This is a follow-up question of my SO post I'll briefly mention it here.

So given a $n$ cycle say $(1,2,\ldots,n)$, what are the monotonic 2 -tuples, of the form $(a,b)(c,d)$, monotonicity in on the 2nd coordinate that is $b<d$ such that,

$$(1,2,\ldots,n)(a,b)(c,d)=\, \text{is still a $n$ cycle } $$ By default transposition $(a,b)$ imply $a<b$.

It was answered in the post that this construction can be extended to all $n$ cycles and the tuples are classified by the crossing chords etc.

I read in the post (genus zero permutation and noncrossing partition) about the bijection genus 0 permutation and non-crossing partitions.

Given a $n$ cycle $(1,2,\ldots,n)\in S_n$.

Let $H_g^{m}((1,2,\ldots, n);\mu)$ be the number of tuples $(\tau_1,\ldots,\tau_r)$ in symmetric group $S_n$ such that

$$(1,2,\ldots,n)\tau_1\ldots \tau_r =: \beta$$

has cycle type $\mu$, where $\tau_i$ are transposition written as $(a_i , b_i)$ with $a_i <b_i$, and $$ b_1\leq b_2\leq\ldots \leq b_r,$$ $$r=2g-1+\text{len}(\mu).$$

I guess the bijection between genus 0 permutation and non-crossing partition is a bijection between $H_0^{m}((n);\mu)$ where $\mu = 1^n$, not imposing the monotonicity conditions.

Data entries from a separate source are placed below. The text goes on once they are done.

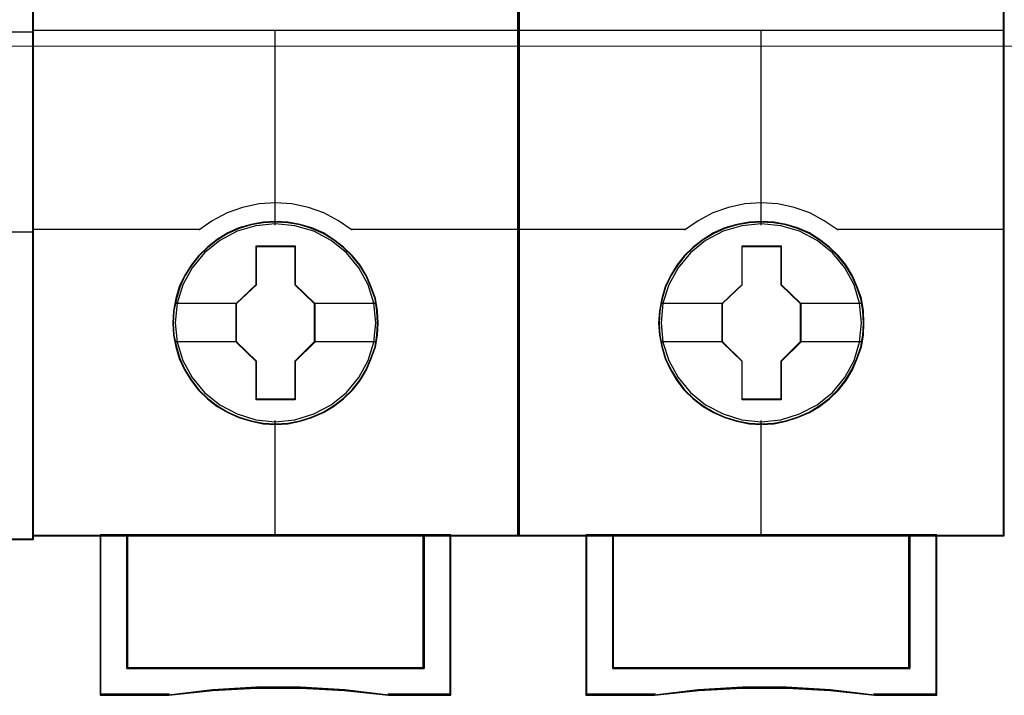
# Model space of a CAD drawing. Header units: millimetres. Extents: x -1290 to 1795, y -4192 to -1311.
# Tile 698 of 1056: x 1452.1 to 1459.39, y -2635.49 to -2630.48. Entities that reach past the tile are written whole.
import ezdxf

# ---------------------------------------------------------------- set-up
doc = ezdxf.new("R2010")
doc.units = ezdxf.units.MM
doc.layers.add('45', color=7, linetype='Continuous')
doc.layers.add('Aparatura', color=7, linetype='Continuous', lineweight=13)

# ---------------------------------------------------------------- blocks, each defined once
blk = doc.blocks.new('*U344')
at = {"layer": '45', "color": 7}
for points in [[(189.646347, -383.521822), (117.625529, -383.521822), (117.625529, -465.544591), (189.646347, -465.544591), (189.646347, -383.521822)], [(189.624863, -383.543367), (117.647013, -383.543367), (117.647013, -465.523047), (189.624863, -465.523047), (189.624863, -383.543367)]]:
    blk.add_lwpolyline(points, close=True, dxfattribs=at)
at = {"layer": '45', "color": 139}
blk.add_lwpolyline([(189.646347, -383.521822), (117.625529, -383.521822), (117.625529, -465.544591), (189.646347, -465.544591), (189.646347, -383.521822)], close=True, dxfattribs=at)
for points in [[(117.625529, -446.740001), (189.646347, -446.740001)], [(183.430371, -454.144062), (189.646347, -454.144062)]]:
    blk.add_lwpolyline(points, dxfattribs=at)
blk = doc.blocks.new('*U345')
at = {"layer": '45', "color": 7}
for points in [[(207.58889, -383.681609), (189.615912, -383.681609), (189.615912, -465.406348), (207.58889, -465.406348), (207.58889, -383.681609)], [(202.400556, -457.522986), (202.378247, -457.071621), (202.305744, -456.620256), (202.149583, -456.185405), (201.971114, -455.772571), (201.736873, -455.37625), (201.452437, -455.02947), (201.123384, -454.710211), (200.755291, -454.429484), (200.381621, -454.187288), (199.946602, -454.000137), (199.51716, -453.873535), (199.059832, -453.790968), (198.602504, -453.763446), (198.145176, -453.790968), (197.699003, -453.873535), (197.247252, -454.000137), (196.834542, -454.187288), (196.44414, -454.429484), (196.081624, -454.710211), (195.746994, -455.02947), (195.47929, -455.37625), (195.233894, -455.772571), (195.038694, -456.185405), (194.915996, -456.620256), (194.826761, -457.071621), (194.798875, -457.522986), (194.826761, -457.974351), (194.915996, -458.409203), (195.038694, -458.844055), (195.233894, -459.256889), (195.47929, -459.653209), (195.746994, -460.010999), (196.081624, -460.335761), (196.44414, -460.610984), (196.834542, -460.842171), (197.247252, -461.029322), (197.699003, -461.161429), (198.145176, -461.255005), (198.602504, -461.277023), (199.059832, -461.255005), (199.51716, -461.161429), (199.946602, -461.029322), (200.381621, -460.842171), (200.755291, -460.610984), (201.123384, -460.335761), (201.452437, -460.010999), (201.736873, -459.653209), (201.971114, -459.256889), (202.149583, -458.844055), (202.305744, -458.409203), (202.378247, -457.974351), (202.400556, -457.522986)], [(202.400556, -457.522986), (202.378247, -457.071621), (202.305744, -456.620256), (202.149583, -456.185405), (201.971114, -455.772571), (201.736873, -455.37625), (201.452437, -455.02947), (201.123384, -454.710211), (200.755291, -454.429484), (200.381621, -454.187288), (199.946602, -454.000137), (199.51716, -453.873535), (199.059832, -453.790968), (198.602504, -453.763446), (198.145176, -453.790968), (197.699003, -453.873535), (197.247252, -454.000137), (196.834542, -454.187288), (196.44414, -454.429484), (196.081624, -454.710211), (195.746994, -455.02947), (195.47929, -455.37625), (195.233894, -455.772571), (195.038694, -456.185405), (194.915996, -456.620256), (194.826761, -457.071621), (194.798875, -457.522986), (194.826761, -457.974351), (194.915996, -458.409203), (195.038694, -458.844055), (195.233894, -459.256889), (195.47929, -459.653209), (195.746994, -460.010999), (196.081624, -460.335761), (196.44414, -460.610984), (196.834542, -460.842171), (197.247252, -461.029322), (197.699003, -461.161429), (198.145176, -461.255005), (198.602504, -461.277023), (199.059832, -461.255005), (199.51716, -461.161429), (199.946602, -461.029322), (200.381621, -460.842171), (200.755291, -460.610984), (201.123384, -460.335761), (201.452437, -460.010999), (201.736873, -459.653209), (201.971114, -459.256889), (202.149583, -458.844055), (202.305744, -458.409203), (202.378247, -457.974351), (202.400556, -457.522986)], [(202.380862, -457.522973), (202.358664, -457.073765), (202.286519, -456.624557), (202.131131, -456.191784), (201.953544, -455.780923), (201.720462, -455.386496), (201.437433, -455.041373), (201.110007, -454.72364), (200.743735, -454.444255), (200.371913, -454.203216), (199.939045, -454.016959), (199.511727, -453.890962), (199.056661, -453.80879), (198.601595, -453.781399), (198.146529, -453.80879), (197.702562, -453.890962), (197.253046, -454.016959), (196.842377, -454.203216), (196.453906, -454.444255), (196.093183, -454.72364), (195.760208, -455.041373), (195.493828, -455.386496), (195.249646, -455.780923), (195.055411, -456.191784), (194.93332, -456.624557), (194.844526, -457.073765), (194.816779, -457.522973), (194.844526, -457.972181), (194.93332, -458.404955), (195.055411, -458.837728), (195.249646, -459.248589), (195.493828, -459.643016), (195.760208, -459.999095), (196.093183, -460.322306), (196.453906, -460.596213), (196.842377, -460.826296), (197.253046, -461.012553), (197.702562, -461.144028), (198.146529, -461.237157), (198.601595, -461.259069), (199.056661, -461.237157), (199.511727, -461.144028), (199.939045, -461.012553), (200.371913, -460.826296), (200.743735, -460.596213), (201.110007, -460.322306), (201.437433, -459.999095), (201.720462, -459.643016), (201.953544, -459.248589), (202.131131, -458.837728), (202.286519, -458.404955), (202.358664, -457.972181), (202.380862, -457.522973)], [(197.888248, -454.666511), (199.333423, -454.666511), (199.333423, -456.094816), (200.058823, -456.800696), (200.058823, -458.229), (199.333423, -458.94591), (199.333423, -460.363185), (197.888248, -460.363185), (197.888248, -458.94591), (197.145979, -458.229), (197.145979, -456.800696), (197.888248, -456.094816), (197.888248, -454.666511)], [(197.888248, -454.666511), (199.333423, -454.666511), (199.333423, -454.666511), (199.333423, -456.094816), (199.333423, -456.094816), (200.058823, -456.800696), (200.058823, -456.800696), (200.058823, -458.229), (200.058823, -458.229), (199.333423, -458.94591), (199.333423, -458.94591), (199.333423, -460.363185), (199.333423, -460.363185), (197.888248, -460.363185), (197.888248, -460.363185), (197.888248, -458.94591), (197.888248, -458.94591), (197.145979, -458.229), (197.145979, -458.229), (197.145979, -456.800696), (197.145979, -456.800696), (197.888248, -456.094816), (197.888248, -456.094816), (197.888248, -454.666511), (197.888248, -454.666511)], [(197.896571, -454.684465), (199.323093, -454.684465), (199.323093, -456.103766), (200.039129, -456.805197), (200.039129, -458.224499), (199.323093, -458.93689), (199.323093, -460.345231), (197.896571, -460.345231), (197.896571, -458.93689), (197.163882, -458.224499), (197.163882, -456.805197), (197.896571, -456.103766), (197.896571, -454.684465)], [(204.100496, -465.368646), (204.100496, -470.318901), (193.102515, -470.318901), (193.102515, -465.368646), (192.106241, -465.368646), (192.106241, -471.31667), (194.649802, -471.31667), (196.269444, -471.140269), (197.900218, -471.052068), (199.530991, -471.052068), (201.161765, -471.140269), (202.786972, -471.31667), (205.096771, -471.31667), (205.096771, -465.368646), (204.100496, -465.368646)], [(198.595937, -465.368646), (193.099866, -465.368646), (193.099866, -470.325632), (204.103146, -470.325632), (204.103146, -465.368646), (198.595937, -465.368646)], [(204.103146, -470.325632), (204.103146, -465.368646), (198.595937, -465.368646), (193.099866, -465.368646), (193.099866, -470.325632), (204.103146, -470.325632)]]:
    blk.add_lwpolyline(points, close=True, dxfattribs=at)
at = {"layer": '45', "color": 139}
for points in [[(207.58889, -383.681609), (189.615912, -383.681609), (189.615912, -465.406348), (207.58889, -465.406348), (207.58889, -383.681609)], [(202.31104, -457.512096), (202.238523, -456.79097), (202.032127, -456.108377), (201.686276, -455.475328), (201.22886, -454.919345), (200.665457, -454.467953), (200.01838, -454.126657), (199.3211, -453.917476), (198.595928, -453.851418), (197.876334, -453.917476), (197.184631, -454.126657), (196.537555, -454.467953), (195.974152, -454.919345), (195.516735, -455.475328), (195.170884, -456.108377), (194.958911, -456.79097), (194.891972, -457.512096), (194.958911, -458.227717), (195.170884, -458.915814), (195.516735, -459.543359), (195.974152, -460.099341), (196.537555, -460.556238), (197.184631, -460.89203), (197.876334, -461.106716), (198.595928, -461.178278), (199.3211, -461.106716), (200.01838, -460.89203), (200.665457, -460.556238), (201.22886, -460.099341), (201.686276, -459.543359), (202.032127, -458.915814), (202.238523, -458.227717), (202.31104, -457.512096)]]:
    blk.add_lwpolyline(points, close=True, dxfattribs=at)
at = {"layer": '45', "color": 59}
for points in [[(207.569197, -383.699563), (189.633815, -383.699563), (189.633815, -465.388395), (207.569197, -465.388395), (207.569197, -383.699563)], [(204.100496, -465.368646), (204.100496, -470.318901), (193.102515, -470.318901), (193.102515, -465.368646), (192.106241, -465.368646), (192.106241, -471.31667), (194.649802, -471.31667), (196.269444, -471.140269), (197.900218, -471.052068), (199.530991, -471.052068), (201.161765, -471.140269), (202.786972, -471.31667), (205.096771, -471.31667), (205.096771, -465.368646), (204.100496, -465.368646)], [(204.085477, -465.386599), (204.085477, -470.306971), (193.119325, -470.306971), (193.119325, -465.386599), (192.125934, -465.386599), (192.125934, -471.298716), (194.662134, -471.298716), (196.277089, -471.12338), (197.903142, -471.035712), (199.529196, -471.035712), (201.15525, -471.12338), (202.775754, -471.298716), (205.078868, -471.298716), (205.078868, -465.386599), (204.085477, -465.386599)], [(198.595937, -465.368646), (193.099866, -465.368646), (193.099866, -470.325632), (204.103146, -470.325632), (204.103146, -465.368646), (198.595937, -465.368646)], [(204.103146, -470.325632), (204.103146, -465.368646), (198.595937, -465.368646), (193.099866, -465.368646), (193.099866, -470.325632), (204.103146, -470.325632)], [(198.595955, -465.386599), (193.117769, -465.386599), (193.117769, -470.307678), (204.085243, -470.307678), (204.085243, -465.386599), (198.595955, -465.386599)]]:
    blk.add_lwpolyline(points, close=True, dxfattribs=at)
at = {"layer": '45', "color": 139}
for points in [[(189.615912, -446.671778), (207.58889, -446.671778)], [(198.576441, -446.671778), (198.576441, -453.894507)], [(201.446317, -454.08661), (200.932289, -453.734018), (200.395912, -453.443982), (199.820424, -453.239251), (199.211413, -453.108451), (198.596814, -453.068642), (197.993389, -453.108451), (197.384378, -453.239251), (196.80889, -453.443982), (196.261338, -453.734018), (195.758485, -454.08661)], [(189.615912, -454.048908), (195.796081, -454.048908)], [(201.40693, -454.048908), (207.58889, -454.048908)], [(198.576441, -461.135189), (198.576441, -465.406348)], [(192.106241, -465.368646), (192.106241, -471.31667)], [(193.099866, -465.368646), (193.099866, -470.325632)], [(204.065549, -470.325632), (204.065549, -465.368646)], [(205.057384, -465.368646), (205.057384, -471.31667)], [(193.099866, -470.286134), (204.103146, -470.286134)], [(194.680715, -471.278967), (192.106241, -471.278967)], [(202.794425, -471.31667), (201.166394, -471.11559), (199.532787, -471.01505), (197.89918, -471.01505), (196.265574, -471.11559), (194.643118, -471.31667)], [(205.096771, -471.278967), (202.755038, -471.278967)]]:
    blk.add_lwpolyline(points, dxfattribs=at)
at = {"layer": '45', "color": 7}
for points in [[(194.870488, -456.78683), (197.183576, -456.78683)], [(200.019436, -456.78683), (202.327153, -456.78683)], [(194.870488, -458.205164), (197.183576, -458.205164)], [(200.019436, -458.205164), (202.327153, -458.205164)]]:
    blk.add_lwpolyline(points, dxfattribs=at)
at = {"layer": '45', "color": 140}
blk.add_lwpolyline([(204.085243, -470.307678), (204.085243, -465.386599), (198.595955, -465.386599), (193.117769, -465.386599), (193.117769, -470.307678), (204.085243, -470.307678)], close=True, dxfattribs=at)
blk = doc.blocks.new('*U346')
at = {"layer": '45', "color": 7}
for points in [[(225.574401, -383.681609), (207.601423, -383.681609), (207.601423, -465.406348), (225.574401, -465.406348), (225.574401, -383.681609)], [(220.386067, -457.522986), (220.363758, -457.071621), (220.291255, -456.620256), (220.135094, -456.185405), (219.956625, -455.772571), (219.722384, -455.37625), (219.437948, -455.02947), (219.108895, -454.710211), (218.740802, -454.429484), (218.367132, -454.187288), (217.932113, -454.000137), (217.502671, -453.873535), (217.045343, -453.790968), (216.588015, -453.763446), (216.130687, -453.790968), (215.684514, -453.873535), (215.232763, -454.000137), (214.820053, -454.187288), (214.429651, -454.429484), (214.067135, -454.710211), (213.732505, -455.02947), (213.464801, -455.37625), (213.219406, -455.772571), (213.024205, -456.185405), (212.901507, -456.620256), (212.812272, -457.071621), (212.784386, -457.522986), (212.812272, -457.974351), (212.901507, -458.409203), (213.024205, -458.844055), (213.219406, -459.256889), (213.464801, -459.653209), (213.732505, -460.010999), (214.067135, -460.335761), (214.429651, -460.610984), (214.820053, -460.842171), (215.232763, -461.029322), (215.684514, -461.161429), (216.130687, -461.255005), (216.588015, -461.277023), (217.045343, -461.255005), (217.502671, -461.161429), (217.932113, -461.029322), (218.367132, -460.842171), (218.740802, -460.610984), (219.108895, -460.335761), (219.437948, -460.010999), (219.722384, -459.653209), (219.956625, -459.256889), (220.135094, -458.844055), (220.291255, -458.409203), (220.363758, -457.974351), (220.386067, -457.522986)], [(220.386067, -457.522986), (220.363758, -457.071621), (220.291255, -456.620256), (220.135094, -456.185405), (219.956625, -455.772571), (219.722384, -455.37625), (219.437948, -455.02947), (219.108895, -454.710211), (218.740802, -454.429484), (218.367132, -454.187288), (217.932113, -454.000137), (217.502671, -453.873535), (217.045343, -453.790968), (216.588015, -453.763446), (216.130687, -453.790968), (215.684514, -453.873535), (215.232763, -454.000137), (214.820053, -454.187288), (214.429651, -454.429484), (214.067135, -454.710211), (213.732505, -455.02947), (213.464801, -455.37625), (213.219406, -455.772571), (213.024205, -456.185405), (212.901507, -456.620256), (212.812272, -457.071621), (212.784386, -457.522986), (212.812272, -457.974351), (212.901507, -458.409203), (213.024205, -458.844055), (213.219406, -459.256889), (213.464801, -459.653209), (213.732505, -460.010999), (214.067135, -460.335761), (214.429651, -460.610984), (214.820053, -460.842171), (215.232763, -461.029322), (215.684514, -461.161429), (216.130687, -461.255005), (216.588015, -461.277023), (217.045343, -461.255005), (217.502671, -461.161429), (217.932113, -461.029322), (218.367132, -460.842171), (218.740802, -460.610984), (219.108895, -460.335761), (219.437948, -460.010999), (219.722384, -459.653209), (219.956625, -459.256889), (220.135094, -458.844055), (220.291255, -458.409203), (220.363758, -457.974351), (220.386067, -457.522986)], [(220.368164, -457.522973), (220.34596, -457.073765), (220.273798, -456.624557), (220.118373, -456.191784), (219.940744, -455.780923), (219.707607, -455.386496), (219.424511, -455.041373), (219.097008, -454.72364), (218.730649, -454.444255), (218.358738, -454.203216), (217.925768, -454.016959), (217.498349, -453.890962), (217.043176, -453.80879), (216.588002, -453.781399), (216.132828, -453.80879), (215.688757, -453.890962), (215.239134, -454.016959), (214.828367, -454.203216), (214.439804, -454.444255), (214.078996, -454.72364), (213.745942, -455.041373), (213.479499, -455.386496), (213.23526, -455.780923), (213.040978, -456.191784), (212.918858, -456.624557), (212.830044, -457.073765), (212.80229, -457.522973), (212.830044, -457.972181), (212.918858, -458.404955), (213.040978, -458.837728), (213.23526, -459.248589), (213.479499, -459.643016), (213.745942, -459.999095), (214.078996, -460.322306), (214.439804, -460.596213), (214.828367, -460.826296), (215.239134, -461.012553), (215.688757, -461.144028), (216.132828, -461.237157), (216.588002, -461.259069), (217.043176, -461.237157), (217.498349, -461.144028), (217.925768, -461.012553), (218.358738, -460.826296), (218.730649, -460.596213), (219.097008, -460.322306), (219.424511, -459.999095), (219.707607, -459.643016), (219.940744, -459.248589), (220.118373, -458.837728), (220.273798, -458.404955), (220.34596, -457.972181), (220.368164, -457.522973)], [(215.873759, -454.666511), (217.318935, -454.666511), (217.318935, -456.094816), (218.044334, -456.800696), (218.044334, -458.229), (217.318935, -458.94591), (217.318935, -460.363185), (215.873759, -460.363185), (215.873759, -458.94591), (215.13149, -458.229), (215.13149, -456.800696), (215.873759, -456.094816), (215.873759, -454.666511)], [(215.873759, -454.666511), (217.318935, -454.666511), (217.318935, -454.666511), (217.318935, -456.094816), (217.318935, -456.094816), (218.044334, -456.800696), (218.044334, -456.800696), (218.044334, -458.229), (218.044334, -458.229), (217.318935, -458.94591), (217.318935, -458.94591), (217.318935, -460.363185), (217.318935, -460.363185), (215.873759, -460.363185), (215.873759, -460.363185), (215.873759, -458.94591), (215.873759, -458.94591), (215.13149, -458.229), (215.13149, -458.229), (215.13149, -456.800696), (215.13149, -456.800696), (215.873759, -456.094816), (215.873759, -456.094816), (215.873759, -454.666511), (215.873759, -454.666511)], [(215.882538, -454.684465), (217.309948, -454.684465), (217.309948, -456.103766), (218.026431, -456.805197), (218.026431, -458.224499), (217.309948, -458.93689), (217.309948, -460.345231), (215.882538, -460.345231), (215.882538, -458.93689), (215.149393, -458.224499), (215.149393, -456.805197), (215.882538, -456.103766), (215.882538, -454.684465)], [(222.087798, -465.368646), (222.087798, -470.318901), (211.089817, -470.318901), (211.089817, -465.368646), (210.093542, -465.368646), (210.093542, -471.31667), (212.637103, -471.31667), (214.256745, -471.140269), (215.887519, -471.052068), (217.518292, -471.052068), (219.149066, -471.140269), (220.774274, -471.31667), (223.084072, -471.31667), (223.084072, -465.368646), (222.087798, -465.368646)], [(216.583239, -465.368646), (211.087167, -465.368646), (211.087167, -470.325632), (222.090447, -470.325632), (222.090447, -465.368646), (216.583239, -465.368646)], [(222.090447, -470.325632), (222.090447, -465.368646), (216.583239, -465.368646), (211.087167, -465.368646), (211.087167, -470.325632), (222.090447, -470.325632)]]:
    blk.add_lwpolyline(points, close=True, dxfattribs=at)
at = {"layer": '45', "color": 139}
for points in [[(225.574401, -383.681609), (207.601423, -383.681609), (207.601423, -465.406348), (225.574401, -465.406348), (225.574401, -383.681609)], [(220.298341, -457.512096), (220.225824, -456.79097), (220.019429, -456.108377), (219.673578, -455.475328), (219.216161, -454.919345), (218.652758, -454.467953), (218.005682, -454.126657), (217.308401, -453.917476), (216.583229, -453.851418), (215.863635, -453.917476), (215.171933, -454.126657), (214.524856, -454.467953), (213.961453, -454.919345), (213.504037, -455.475328), (213.158185, -456.108377), (212.946212, -456.79097), (212.879273, -457.512096), (212.946212, -458.227717), (213.158185, -458.915814), (213.504037, -459.543359), (213.961453, -460.099341), (214.524856, -460.556238), (215.171933, -460.89203), (215.863635, -461.106716), (216.583229, -461.178278), (217.308401, -461.106716), (218.005682, -460.89203), (218.652758, -460.556238), (219.216161, -460.099341), (219.673578, -459.543359), (220.019429, -458.915814), (220.225824, -458.227717), (220.298341, -457.512096)]]:
    blk.add_lwpolyline(points, close=True, dxfattribs=at)
at = {"layer": '45', "color": 59}
for points in [[(225.556498, -383.699563), (207.621116, -383.699563), (207.621116, -465.388395), (225.556498, -465.388395), (225.556498, -383.699563)], [(222.087798, -465.368646), (222.087798, -470.318901), (211.089817, -470.318901), (211.089817, -465.368646), (210.093542, -465.368646), (210.093542, -471.31667), (212.637103, -471.31667), (214.256745, -471.140269), (215.887519, -471.052068), (217.518292, -471.052068), (219.149066, -471.140269), (220.774274, -471.31667), (223.084072, -471.31667), (223.084072, -465.368646), (222.087798, -465.368646)], [(222.070988, -465.386599), (222.070988, -470.306971), (211.104836, -470.306971), (211.104836, -465.386599), (210.111445, -465.386599), (210.111445, -471.298716), (212.647645, -471.298716), (214.2626, -471.12338), (215.888653, -471.035712), (217.514707, -471.035712), (219.140761, -471.12338), (220.761265, -471.298716), (223.064379, -471.298716), (223.064379, -465.386599), (222.070988, -465.386599)], [(216.583239, -465.368646), (211.087167, -465.368646), (211.087167, -470.325632), (222.090447, -470.325632), (222.090447, -465.368646), (216.583239, -465.368646)], [(222.090447, -470.325632), (222.090447, -465.368646), (216.583239, -465.368646), (211.087167, -465.368646), (211.087167, -470.325632), (222.090447, -470.325632)], [(216.582363, -465.386599), (211.10507, -465.386599), (211.10507, -470.307678), (222.070754, -470.307678), (222.070754, -465.386599), (216.582363, -465.386599)]]:
    blk.add_lwpolyline(points, close=True, dxfattribs=at)
at = {"layer": '45', "color": 139}
for points in [[(207.601423, -446.671778), (225.574401, -446.671778)], [(216.563743, -446.671778), (216.563743, -453.894507)], [(219.431828, -454.08661), (218.9178, -453.734018), (218.381423, -453.443982), (217.805935, -453.239251), (217.196924, -453.108451), (216.582325, -453.068642), (215.9789, -453.108451), (215.369889, -453.239251), (214.794401, -453.443982), (214.246849, -453.734018), (213.743996, -454.08661)], [(207.601423, -454.048908), (213.783383, -454.048908)], [(219.394232, -454.048908), (225.574401, -454.048908)], [(216.563743, -461.135189), (216.563743, -465.406348)], [(210.093542, -465.368646), (210.093542, -471.31667)], [(211.087167, -465.368646), (211.087167, -470.325632)], [(222.05106, -470.325632), (222.05106, -465.368646)], [(223.044685, -465.368646), (223.044685, -471.31667)], [(211.087167, -470.286134), (222.090447, -470.286134)], [(212.668016, -471.278967), (210.093542, -471.278967)], [(220.779936, -471.31667), (219.151905, -471.11559), (217.518298, -471.01505), (215.884691, -471.01505), (214.251085, -471.11559), (212.628629, -471.31667)], [(223.084072, -471.278967), (220.742339, -471.278967)]]:
    blk.add_lwpolyline(points, dxfattribs=at)
at = {"layer": '45', "color": 7}
for points in [[(212.855999, -456.78683), (215.170877, -456.78683)], [(218.006737, -456.78683), (220.314454, -456.78683)], [(212.855999, -458.205164), (215.170877, -458.205164)], [(218.006737, -458.205164), (220.314454, -458.205164)]]:
    blk.add_lwpolyline(points, dxfattribs=at)
at = {"layer": '45', "color": 140}
blk.add_lwpolyline([(222.070754, -470.307678), (222.070754, -465.386599), (216.582363, -465.386599), (211.10507, -465.386599), (211.10507, -470.307678), (222.070754, -470.307678)], close=True, dxfattribs=at)

msp = doc.modelspace()

# ---------------------------------------------------------------- linework, layer by layer
at = {"layer": 'Aparatura', "color": 7, "lineweight": 13}
msp.add_lwpolyline([(1437.7952, -2621.6757), (1524.1608, -2621.6757), (1524.1608, -2630.6816), (1437.7952, -2630.6816), (1437.7952, -2621.6757)], close=True, dxfattribs=at)
msp.add_lwpolyline([(1437.7952, -2630.6812), (1524.1608, -2630.6812)], dxfattribs=at)

# ---------------------------------------------------------------- block references
at = {"layer": 'Aparatura', "color": 7, "lineweight": 13, "xscale": 0.2, "yscale": 0.2, "zscale": 0.2}
for name in ['*U346', '*U344', '*U345']:
    msp.add_blockref(name, (1414.278, -2541.227), dxfattribs=at)

doc.saveas('drawing.dxf')

Now question is about bijection involving $H_g^{m}((1,2,\ldots,n);\mu)$ where $g\geq 1$ and $\mu$ can be of any cycle type and crossing and non-crossing partitions. Is there any bijection known to exist in this case? Say for example in the case of genus 1. So first thing that comes in mind is how the genus 1 is related to genus 0. So genus set of transposition differ from genus 0 by a pair of tuples $(a,b)(c,d)$ which keep the cycle $(1,2\ldots, n)$ fixed. These tuplese are given by crossing portion described in the post cited above.